Selenium test verifying the text on a webpage reads a specific way depending on dynamic data input.

weeks: Literal[1,2,3,4,5,6] | None
rotation = f"Rotation:\n{f'{weeks} weeks' if weeks else 'Add rotation'}"

Comments

2

I've used it in one-line situations like this:

s = 2.1
print(f"{f'Is {s} an int? {"True" if isinstance(s, int) else "False"}':>25}")

# Instead of having to combine with other string manipulating methods:
print(f"Is {s} an int? {"True" if isinstance(s, int) else "False"}".rjust(25))

enter image description here

Comments

2

I found this question looking how to format a date with space-padded instead of zero-padded decimal numbers (see https://strftime.org/) for month and day.

dt = datetime.strptime('2024 1 3 1501', '%Y %m%d %H%M')

# simple formatting with month and day as zero-padded decimal numbers
print(f"{dt:%Y %m %d %H%M}")
# 2024 01 03 1501

# no padding 
print(f"{dt:%Y %-m %-d %H%M}")
# 2024 1 3 1501

# left padding with space (space-padded but aligns with 0-padded)
print(f"{dt:%Y {f'{dt:%-m}':>2} {f'{dt:%-d}':>2} %H%M}")
# 2024  1  3 1501

See also this example in How do I format a date and also pad it with spaces?.

# format date (no padding)
print(f"{today:%d-%m-%Y}")
# 19-05-2024

# nested f-string
print(f"{f'{today:%d-%m-%Y}':>20}")
#           19-05-2024

Comments

1

A simple example of when it's useful, together with an example of implementation: sometimes the formatting is also a variable.

num = 3.1415
fmt = ".2f"
print(f"number is {num:{fmt}}")

Comments

1

If some fancy formatting is needed, such nesting could be, perhaps, useful.

for n in range(10, 1000, 100):
    print(f"{f'n = {n:<3}':<15}| {f'|{n:>5}**2 = {n**2:<7_}'} |")

Comments

-3

You could use it for dynamicism.

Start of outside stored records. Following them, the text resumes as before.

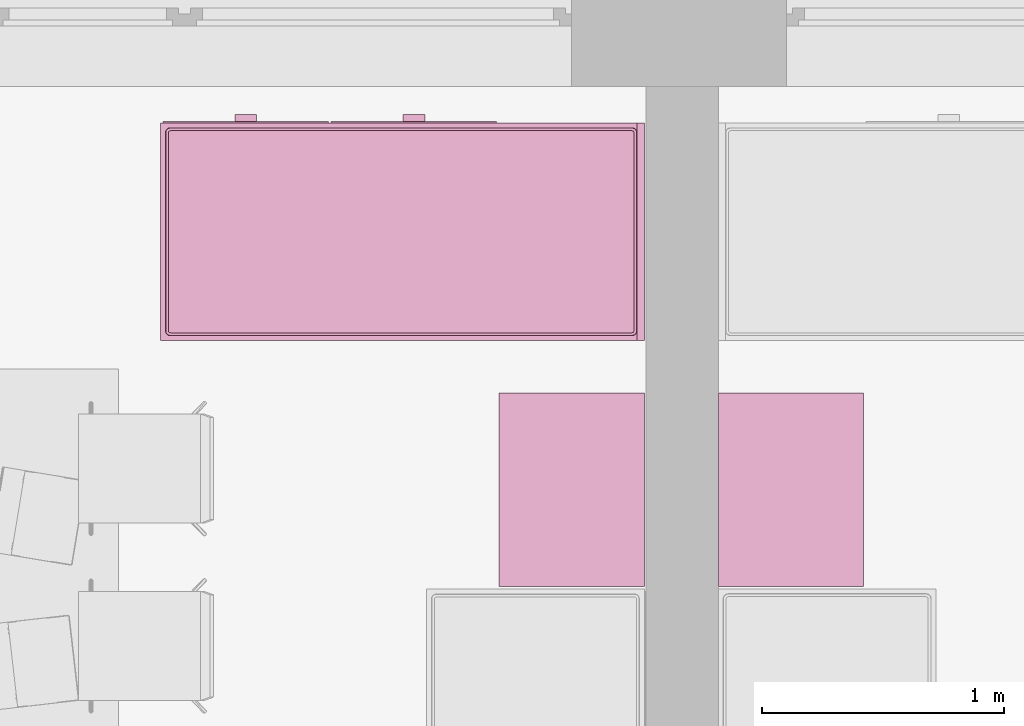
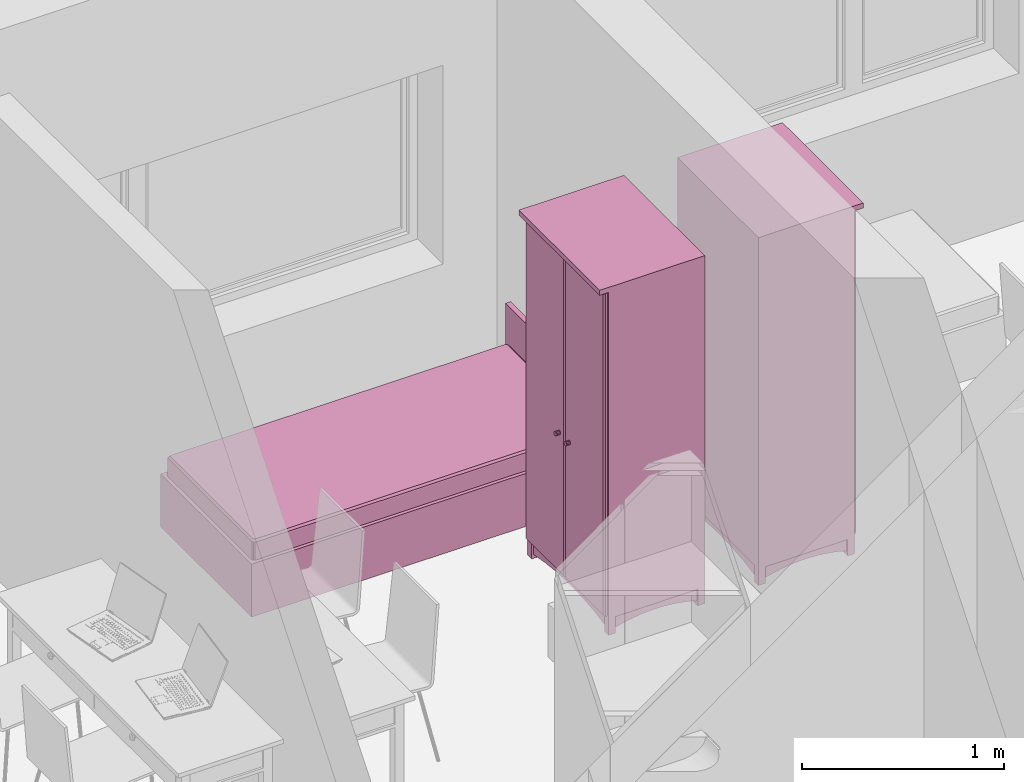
# One storey, part 91 of 165: 3 furnishings.
"""IFC2X3 building model written with IfcOpenShell, lengths in millimetres."""

from ifc_helpers import new_model, entity, si_unit, converted_unit, money_unit, direction, frame, origin_with_axes, place, context, subcontext, project, spatial, faceted_brep, source, transform, mapped, material, material_list, type_object, element, save


model = new_model("IFC2X3")

# Units and contexts
model_context = context("Model", 3, precision=1e-05, world=origin_with_axes(), true_north=direction((0.0, 1.0)))
body_context = subcontext(model_context, "Body", "Model", "MODEL_VIEW")
ifc_project = project(units=[si_unit("LENGTHUNIT", "METRE", prefix="MILLI"), si_unit("AREAUNIT", "SQUARE_METRE"), si_unit("VOLUMEUNIT", "CUBIC_METRE"), converted_unit("PLANEANGLEUNIT", "DEGREE", entity("IfcPlaneAngleMeasure", 0.0174532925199), si_unit("PLANEANGLEUNIT", "RADIAN"), dimensions=[0, 0, 0, 0, 0, 0, 0]), si_unit("SOLIDANGLEUNIT", "STERADIAN"), money_unit("USD"), converted_unit("TIMEUNIT", "Year", entity("IfcTimeMeasure", 31556926.0), si_unit("TIMEUNIT", "SECOND"), dimensions=[0, 0, 0, 0, 0, 0, 0]), si_unit("MASSUNIT", "GRAM"), si_unit("THERMODYNAMICTEMPERATUREUNIT", "DEGREE_CELSIUS"), si_unit("LUMINOUSINTENSITYUNIT", "LUMEN")], contexts=[model_context])

# Site, building, storey
site_placement = place(None, origin_with_axes())
site = spatial("IfcSite", under=ifc_project, at=site_placement, Name="Site", CompositionType="ELEMENT")
building_placement = place(site_placement, origin_with_axes())
building = spatial("IfcBuilding", under=site, at=building_placement, Name="Building", CompositionType="ELEMENT")
storey_placement = place(building_placement, frame((0.0, 0.0, 6300.0), z_axis=(0.0, 0.0, 1.0), x_axis=(1.0, 0.0, 0.0)))
storey = spatial("IfcBuildingStorey", under=building, at=storey_placement, Name="4KORRUS", CompositionType="ELEMENT", Elevation=6300.0)

# Furnishings
ifc_material = material(Name="Background")
ifc_material_list = material_list([ifc_material])
furnishing_element_type_1 = type_object("IfcFurnishingElementType", Name="Cupboard 19")
shared_shape_1 = source(origin_with_axes(), body_context, "Body", "Brep", [
    faceted_brep([(780.0, 600.0, 120.0), (780.0, 600.0, 2050.0), (780.0, 580.0, 2050.0), (780.0, 580.0, 120.0), (20.0, 600.0, 120.0), (20.0, 600.0, 2050.0), (20.0, 580.0, 2050.0), (20.0, 580.0, 120.0)], [[[0, 1, 2, 3]], [[4, 5, 1, 0]], [[1, 5, 6, 2]], [[3, 2, 6, 7]], [[0, 3, 7, 4]], [[7, 6, 5, 4]]]),
    faceted_brep([(0.0, 50.0, 100.0), (0.0, 600.0, 100.0), (20.0, 600.0, 100.0), (20.0, 50.0, 100.0), (0.0, 50.0, 2070.0), (0.0, 600.0, 2070.0), (20.0, 600.0, 2070.0), (20.0, 50.0, 2070.0)], [[[0, 1, 2, 3]], [[0, 4, 5, 1]], [[1, 5, 6, 2]], [[2, 6, 7, 3]], [[3, 7, 4, 0]], [[7, 6, 5, 4]]]),
    faceted_brep([(780.0, 50.0, 100.0), (780.0, 600.0, 100.0), (800.0, 600.0, 100.0), (800.0, 50.0, 100.0), (780.0, 50.0, 2070.0), (780.0, 600.0, 2070.0), (800.0, 600.0, 2070.0), (800.0, 50.0, 2070.0)], [[[0, 1, 2, 3]], [[0, 4, 5, 1]], [[1, 5, 6, 2]], [[2, 6, 7, 3]], [[3, 7, 4, 0]], [[7, 6, 5, 4]]]),
    faceted_brep([(20.0, 50.0, 100.0), (20.0, 600.0, 100.0), (780.0, 600.0, 100.0), (780.0, 50.0, 100.0), (20.0, 50.0, 120.0), (20.0, 600.0, 120.0), (780.0, 600.0, 120.0), (780.0, 50.0, 120.0)], [[[0, 1, 2, 3]], [[0, 4, 5, 1]], [[1, 5, 6, 2]], [[2, 6, 7, 3]], [[3, 7, 4, 0]], [[7, 6, 5, 4]]]),
    faceted_brep([(20.0, 50.0, 2050.0), (20.0, 600.0, 2050.0), (780.0, 600.0, 2050.0), (780.0, 50.0, 2050.0), (20.0, 50.0, 2070.0), (20.0, 600.0, 2070.0), (780.0, 600.0, 2070.0), (780.0, 50.0, 2070.0)], [[[0, 1, 2, 3]], [[0, 4, 5, 1]], [[1, 5, 6, 2]], [[2, 6, 7, 3]], [[3, 7, 4, 0]], [[7, 6, 5, 4]]]),
    faceted_brep([(0.0, 600.0, 2070.0), (0.0, 0.0, 2070.0), (0.0, 0.0, 2100.0), (0.0, 600.0, 2100.0), (800.0, 600.0, 2070.0), (800.0, 0.0, 2070.0), (800.0, 0.0, 2100.0), (800.0, 600.0, 2100.0)], [[[0, 1, 2, 3]], [[0, 4, 5, 1]], [[1, 5, 6, 2]], [[3, 2, 6, 7]], [[4, 0, 3, 7]], [[5, 4, 7, 6]]]),
    faceted_brep([(760.0, 590.0, 25.0), (760.0, 570.0, 25.0), (640.962, 570.0, 45.8), (640.962, 590.0, 45.8), (760.0, 590.0, 100.0), (760.0, 570.0, 100.0), (40.0, 570.0, 100.0), (40.0, 570.0, 25.0), (159.038, 570.0, 45.8), (279.23, 570.0, 58.32), (400.0, 570.0, 62.5), (520.77, 570.0, 58.32), (520.77, 590.0, 58.32), (400.0, 590.0, 62.5), (279.23, 590.0, 58.32), (159.038, 590.0, 45.8), (40.0, 590.0, 25.0), (40.0, 590.0, 100.0)], [[[0, 1, 2, 3]], [[4, 5, 1, 0]], [[1, 5, 6, 7, 8, 9, 10, 11, 2]], [[3, 2, 11, 12]], [[0, 3, 12, 13, 14, 15, 16, 17, 4]], [[17, 6, 5, 4]], [[16, 7, 6, 17]], [[15, 8, 7, 16]], [[14, 9, 8, 15]], [[13, 10, 9, 14]], [[12, 11, 10, 13]]]),
    faceted_brep([(760.0, 80.0, 25.0), (760.0, 60.0, 25.0), (640.962, 60.0, 45.8), (640.962, 80.0, 45.8), (760.0, 80.0, 100.0), (760.0, 60.0, 100.0), (40.0, 60.0, 100.0), (40.0, 60.0, 25.0), (159.038, 60.0, 45.8), (279.23, 60.0, 58.32), (400.0, 60.0, 62.5), (520.77, 60.0, 58.32), (520.77, 80.0, 58.32), (400.0, 80.0, 62.5), (279.23, 80.0, 58.32), (159.038, 80.0, 45.8), (40.0, 80.0, 25.0), (40.0, 80.0, 100.0)], [[[0, 1, 2, 3]], [[4, 5, 1, 0]], [[1, 5, 6, 7, 8, 9, 10, 11, 2]], [[3, 2, 11, 12]], [[0, 3, 12, 13, 14, 15, 16, 17, 4]], [[17, 6, 5, 4]], [[16, 7, 6, 17]], [[15, 8, 7, 16]], [[14, 9, 8, 15]], [[13, 10, 9, 14]], [[12, 11, 10, 13]]]),
    faceted_brep([(790.0, 90.0, 25.0), (770.0, 90.0, 25.0), (770.0, 141.266, 38.072), (790.0, 141.266, 38.072), (790.0, 90.0, 100.0), (770.0, 90.0, 100.0), (770.0, 560.0, 100.0), (770.0, 560.0, 25.0), (770.0, 508.734, 38.072), (770.0, 456.752, 47.92), (770.0, 404.257, 54.508), (770.0, 351.453, 57.808), (770.0, 298.547, 57.808), (770.0, 245.743, 54.508), (770.0, 193.248, 47.92), (790.0, 193.248, 47.92), (790.0, 245.743, 54.508), (790.0, 298.547, 57.808), (790.0, 351.453, 57.808), (790.0, 404.257, 54.508), (790.0, 456.752, 47.92), (790.0, 508.734, 38.072), (790.0, 560.0, 25.0), (790.0, 560.0, 100.0)], [[[0, 1, 2, 3]], [[4, 5, 1, 0]], [[1, 5, 6, 7, 8, 9, 10, 11, 12, 13, 14, 2]], [[3, 2, 14, 15]], [[0, 3, 15, 16, 17, 18, 19, 20, 21, 22, 23, 4]], [[23, 6, 5, 4]], [[22, 7, 6, 23]], [[21, 8, 7, 22]], [[20, 9, 8, 21]], [[19, 10, 9, 20]], [[18, 11, 10, 19]], [[17, 12, 11, 18]], [[16, 13, 12, 17]], [[15, 14, 13, 16]]]),
    faceted_brep([(30.0, 90.0, 25.0), (10.0, 90.0, 25.0), (10.0, 141.266, 38.072), (30.0, 141.266, 38.072), (30.0, 90.0, 100.0), (10.0, 90.0, 100.0), (10.0, 560.0, 100.0), (10.0, 560.0, 25.0), (10.0, 508.734, 38.072), (10.0, 456.752, 47.92), (10.0, 404.257, 54.508), (10.0, 351.453, 57.808), (10.0, 298.547, 57.808), (10.0, 245.743, 54.508), (10.0, 193.248, 47.92), (30.0, 193.248, 47.92), (30.0, 245.743, 54.508), (30.0, 298.547, 57.808), (30.0, 351.453, 57.808), (30.0, 404.257, 54.508), (30.0, 456.752, 47.92), (30.0, 508.734, 38.072), (30.0, 560.0, 25.0), (30.0, 560.0, 100.0)], [[[0, 1, 2, 3]], [[4, 5, 1, 0]], [[1, 5, 6, 7, 8, 9, 10, 11, 12, 13, 14, 2]], [[3, 2, 14, 15]], [[0, 3, 15, 16, 17, 18, 19, 20, 21, 22, 23, 4]], [[23, 6, 5, 4]], [[22, 7, 6, 23]], [[21, 8, 7, 22]], [[20, 9, 8, 21]], [[19, 10, 9, 20]], [[18, 11, 10, 19]], [[17, 12, 11, 18]], [[16, 13, 12, 17]], [[15, 14, 13, 16]]]),
    faceted_brep([(760.0, 560.0, 0.0), (760.0, 560.0, 100.0), (760.0, 600.0, 100.0), (760.0, 600.0, 0.0), (800.0, 560.0, 0.0), (800.0, 560.0, 100.0), (800.0, 600.0, 100.0), (800.0, 600.0, 0.0)], [[[0, 1, 2, 3]], [[4, 5, 1, 0]], [[1, 5, 6, 2]], [[3, 2, 6, 7]], [[0, 3, 7, 4]], [[7, 6, 5, 4]]]),
    faceted_brep([(0.0, 560.0, 0.0), (0.0, 560.0, 100.0), (0.0, 600.0, 100.0), (0.0, 600.0, 0.0), (40.0, 560.0, 0.0), (40.0, 560.0, 100.0), (40.0, 600.0, 100.0), (40.0, 600.0, 0.0)], [[[0, 1, 2, 3]], [[4, 5, 1, 0]], [[1, 5, 6, 2]], [[3, 2, 6, 7]], [[0, 3, 7, 4]], [[7, 6, 5, 4]]]),
    faceted_brep([(760.0, 50.0, 0.0), (760.0, 50.0, 100.0), (760.0, 90.0, 100.0), (760.0, 90.0, 0.0), (800.0, 50.0, 0.0), (800.0, 50.0, 100.0), (800.0, 90.0, 100.0), (800.0, 90.0, 0.0)], [[[0, 1, 2, 3]], [[4, 5, 1, 0]], [[1, 5, 6, 2]], [[3, 2, 6, 7]], [[0, 3, 7, 4]], [[7, 6, 5, 4]]]),
    faceted_brep([(0.0, 50.0, 0.0), (0.0, 50.0, 100.0), (0.0, 90.0, 100.0), (0.0, 90.0, 0.0), (40.0, 50.0, 0.0), (40.0, 50.0, 100.0), (40.0, 90.0, 100.0), (40.0, 90.0, 0.0)], [[[0, 1, 2, 3]], [[4, 5, 1, 0]], [[1, 5, 6, 2]], [[3, 2, 6, 7]], [[0, 3, 7, 4]], [[7, 6, 5, 4]]]),
    faceted_brep([(780.0, 580.0, 587.5), (780.0, 580.0, 607.5), (780.0, 50.0, 607.5), (780.0, 50.0, 587.5), (20.0, 580.0, 587.5), (20.0, 580.0, 607.5), (20.0, 50.0, 607.5), (20.0, 50.0, 587.5)], [[[0, 1, 2, 3]], [[4, 5, 1, 0]], [[1, 5, 6, 2]], [[3, 2, 6, 7]], [[0, 3, 7, 4]], [[7, 6, 5, 4]]]),
    faceted_brep([(780.0, 580.0, 1075.0), (780.0, 580.0, 1095.0), (780.0, 50.0, 1095.0), (780.0, 50.0, 1075.0), (20.0, 580.0, 1075.0), (20.0, 580.0, 1095.0), (20.0, 50.0, 1095.0), (20.0, 50.0, 1075.0)], [[[0, 1, 2, 3]], [[4, 5, 1, 0]], [[1, 5, 6, 2]], [[3, 2, 6, 7]], [[0, 3, 7, 4]], [[7, 6, 5, 4]]]),
    faceted_brep([(780.0, 580.0, 1562.5), (780.0, 580.0, 1582.5), (780.0, 50.0, 1582.5), (780.0, 50.0, 1562.5), (20.0, 580.0, 1562.5), (20.0, 580.0, 1582.5), (20.0, 50.0, 1582.5), (20.0, 50.0, 1562.5)], [[[0, 1, 2, 3]], [[4, 5, 1, 0]], [[1, 5, 6, 2]], [[3, 2, 6, 7]], [[0, 3, 7, 4]], [[7, 6, 5, 4]]]),
    faceted_brep([(789.5, 50.0, 110.5), (400.5, 50.0, 110.5), (400.5, 50.0, 2059.5), (789.5, 50.0, 2059.5), (789.5, 40.0, 110.5), (400.5, 40.0, 110.5), (400.5, 40.0, 2059.5), (789.5, 40.0, 2059.5), (779.5, 30.0, 120.5), (410.5, 30.0, 120.5), (410.5, 30.0, 2049.5), (779.5, 30.0, 2049.5)], [[[0, 1, 2, 3]], [[0, 4, 5, 1]], [[1, 5, 6, 2]], [[2, 6, 7, 3]], [[3, 7, 4, 0]], [[4, 8, 9, 5]], [[5, 9, 10, 6]], [[6, 10, 11, 7]], [[7, 11, 8, 4]], [[10, 9, 8, 11]]]),
    faceted_brep([(399.5, 50.0, 110.5), (10.5, 50.0, 110.5), (10.5, 50.0, 2059.5), (399.5, 50.0, 2059.5), (399.5, 40.0, 110.5), (10.5, 40.0, 110.5), (10.5, 40.0, 2059.5), (399.5, 40.0, 2059.5), (389.5, 30.0, 120.5), (20.5, 30.0, 120.5), (20.5, 30.0, 2049.5), (389.5, 30.0, 2049.5)], [[[0, 1, 2, 3]], [[0, 4, 5, 1]], [[1, 5, 6, 2]], [[2, 6, 7, 3]], [[3, 7, 4, 0]], [[4, 8, 9, 5]], [[5, 9, 10, 6]], [[6, 10, 11, 7]], [[7, 11, 8, 4]], [[10, 9, 8, 11]]]),
    faceted_brep([(339.608, 30.0, 954.0), (338.0, 30.0, 960.0), (339.608, 30.0, 966.0), (344.0, 30.0, 970.392), (350.0, 30.0, 972.0), (356.0, 30.0, 970.392), (360.392, 30.0, 966.0), (362.0, 30.0, 960.0), (360.392, 30.0, 954.0), (356.0, 30.0, 949.608), (350.0, 30.0, 948.0), (344.0, 30.0, 949.608), (339.608, 5.0, 954.0), (338.0, 5.0, 960.0), (339.608, 5.0, 966.0), (344.0, 5.0, 970.392), (350.0, 5.0, 972.0), (356.0, 5.0, 970.392), (360.392, 5.0, 966.0), (362.0, 5.0, 960.0), (360.392, 5.0, 954.0), (356.0, 5.0, 949.608), (350.0, 5.0, 948.0), (344.0, 5.0, 949.608)], [[[0, 1, 2, 3, 4, 5, 6, 7, 8, 9, 10, 11]], [[0, 12, 13, 1]], [[1, 13, 14, 2]], [[2, 14, 15, 3]], [[3, 15, 16, 4]], [[4, 16, 17, 5]], [[5, 17, 18, 6]], [[6, 18, 19, 7]], [[7, 19, 20, 8]], [[8, 20, 21, 9]], [[9, 21, 22, 10]], [[10, 22, 23, 11]], [[11, 23, 12, 0]], [[12, 23, 22, 21, 20, 19, 18, 17, 16, 15, 14, 13]]]),
    faceted_brep([(460.392, 30.0, 954.0), (456.0, 30.0, 949.608), (450.0, 30.0, 948.0), (444.0, 30.0, 949.608), (439.608, 30.0, 954.0), (438.0, 30.0, 960.0), (439.608, 30.0, 966.0), (444.0, 30.0, 970.392), (450.0, 30.0, 972.0), (456.0, 30.0, 970.392), (460.392, 30.0, 966.0), (462.0, 30.0, 960.0), (460.392, 5.0, 954.0), (456.0, 5.0, 949.608), (450.0, 5.0, 948.0), (444.0, 5.0, 949.608), (439.608, 5.0, 954.0), (438.0, 5.0, 960.0), (439.608, 5.0, 966.0), (444.0, 5.0, 970.392), (450.0, 5.0, 972.0), (456.0, 5.0, 970.392), (460.392, 5.0, 966.0), (462.0, 5.0, 960.0)], [[[0, 1, 2, 3, 4, 5, 6, 7, 8, 9, 10, 11]], [[1, 0, 12, 13]], [[2, 1, 13, 14]], [[3, 2, 14, 15]], [[4, 3, 15, 16]], [[5, 4, 16, 17]], [[6, 5, 17, 18]], [[7, 6, 18, 19]], [[8, 7, 19, 20]], [[9, 8, 20, 21]], [[10, 9, 21, 22]], [[11, 10, 22, 23]], [[0, 11, 23, 12]], [[12, 23, 22, 21, 20, 19, 18, 17, 16, 15, 14, 13]]]),
])
furnishing_1_placement = place(storey_placement, frame((-35390.2967033, -7206.41563755, 0.0), z_axis=(0.0, 0.0, 1.0), x_axis=(0.0, 1.0, 0.0)))
element("IfcFurnishingElement", 1, at=furnishing_1_placement, inside=storey, type_object=furnishing_element_type_1, material=ifc_material_list, Name="FU - 014", context=body_context, shape_type="MappedRepresentation", body=[
    mapped(shared_shape_1, transform((0.0, 0.0, 0.0))),
])
shared_shape_2 = source(origin_with_axes(), body_context, "Body", "Brep", [
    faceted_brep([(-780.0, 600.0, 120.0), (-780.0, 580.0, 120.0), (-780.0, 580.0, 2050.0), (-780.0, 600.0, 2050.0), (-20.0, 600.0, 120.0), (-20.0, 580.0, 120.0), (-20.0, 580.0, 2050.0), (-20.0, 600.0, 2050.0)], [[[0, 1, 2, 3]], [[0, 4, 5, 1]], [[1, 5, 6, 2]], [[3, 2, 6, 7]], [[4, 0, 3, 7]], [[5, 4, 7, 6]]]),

For instance, say you have a variable set to the name of some function:

func = 'my_func'

Then you could write:

f"{f'{func}'()}" 

which would be equivalent to:

'{}'.format(locals()[func]()) 

or, equivalently:

'{}'.format(my_func())

3 Comments

I tried it and it didn't work. TypeError: 'str' object is not callable
This is not true. f'{func}' is a string. You can't call strings.
If you're into unsafe hacks like these, you're probably looking for eval.